On Mar 25, 2011, at 6:22 PM, Quincey Morris wrote:

> On Mar 25, 2011, at 18:01, Rick Mann wrote:
> 
>> Part of the problem I had was that I don't have indices readily available. I 
>> have the objects themselves, and I could look them up in the array, but that 
>> strikes me as potentially slow (for a lot of objects).
> 
> There's always -[NSArrayController setSelectedObjects], though using that 
> might just drive the work involved in deriving selection indexes inside 
> NSArrayController, where you can't even control the performance.
> 
> But the point is that the underlying mechanism is all in NSArrayController's 
> documented API, and you should be reading that.

OK. Truth is, there are so many slightly different ways to get & set the 
selection in object controllers, and while I've been able to mimic examples to 
get things to work, I really don't understand them well, despite having read 
the docs. Frankly, I think the docs are inadequate. Could be because of 
assumptions I'm implicitly making about how I'd expect them to behave.

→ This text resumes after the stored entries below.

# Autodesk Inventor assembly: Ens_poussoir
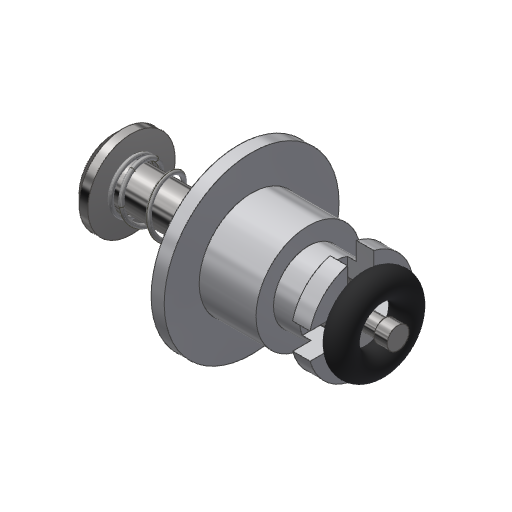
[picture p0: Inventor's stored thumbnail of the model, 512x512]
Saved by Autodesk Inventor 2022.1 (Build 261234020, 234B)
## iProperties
Created: 2018-06
Part Number: Ens_poussoir
Material: Générique
Document SubType Name: Assembly
Designer: Fabian Perrée
Mass: 5.90054 g
Surface Area: 24.3283 cm^2
Volume: 1.88874 cm^3
Density: 3.12406 g/cm^3
Author: Fabian Perrée
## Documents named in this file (5)
- C:\Users\fabia\Mon Drive\01_Giup\01_Clients\07_ENI\Manuscrit\Fichiers_exercice\Chapitre_06\Exercice_jeu_de_composant_en_contact\Composants\Ens_poussoir\Ens_poussoir.iam
- C:\Users\fabia\Mon Drive\01_Giup\01_Clients\07_ENI\Manuscrit\Fichiers_exercice\Chapitre_06\Exercice_jeu_de_composant_en_contact\Composants\Ens_poussoir\Composants\Guide.ipt
- C:\Users\fabia\Mon Drive\01_Giup\01_Clients\07_ENI\Manuscrit\Fichiers_exercice\Chapitre_06\Exercice_jeu_de_composant_en_contact\Composants\Ens_poussoir\Composants\Poussoir.ipt
- C:\Users\fabia\Mon Drive\01_Giup\01_Clients\07_ENI\Manuscrit\Fichiers_exercice\Chapitre_06\Exercice_jeu_de_composant_en_contact\Composants\Ens_poussoir\Composants\Joint.ipt
- C:\Users\fabia\Mon Drive\01_Giup\01_Clients\07_ENI\Manuscrit\Fichiers_exercice\Chapitre_06\Exercice_chapitre_06\Composants\Ressort de compression12.ipt
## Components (4 placed, 4 different names)
1. Guide:1 — Tangente:2, Placage:2
2. Poussoir:1 — Placage:1, Placage:2, Placage:3, Placage:4
3. Joint:1 — Tangente:2, Placage:1
4. Ressort de compression1:1 — Placage:3, Placage:4
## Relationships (5: Mate 4, Tangent 1)
- Tangente:2: Guide:1 ↔ Joint:1
- Placage:1 [Mate]: Poussoir:1 ↔ Joint:1
- Placage:2 [Mate]: Guide:1 ↔ Poussoir:1
- Placage:3 [Mate]: Poussoir:1 ↔ Ressort de compression1:1
- Placage:4 [Mate]: Poussoir:1 ↔ Ressort de compression1:1

But with what you've told me, now I know what to at least try to do.

> 
>> I think there's a typo there, so I'm not quite sure what you're telling me. 
>> In fact, I will eventually have both a custom control in the inspector, and 
>> the view in which the selection is managed by the user is custom.
> 
> Yes, it was a typo. I meant:
> 
>> "you aren't going to want to do this with bindings, not when the selection 
>> is controlled from a custom view"
> 
> For a custom view, that is, where the behavior of the view is enshrined in 
> code you write, there's absolutely no value in using bindings, and creating a 
> bindings mechanism for that view is wasted work.
> 
> Bindings are for UI elements (and similar stuff) that are reused in many 
> contexts, so that they can be configurable in IB without additional coding. 
> Your custom view is being used in one context (presumably, more or less), and 
> you're coding its behavior anyway.
> 
> Putting this another way, bindings are (in use) a kind of code-free extension 
> of the KVO mechanism (addObserver... and observeValue...). If you're coding 
> anyway, it's cheaper and easier to use KVO directly.
> 
> That was the point I was trying to make.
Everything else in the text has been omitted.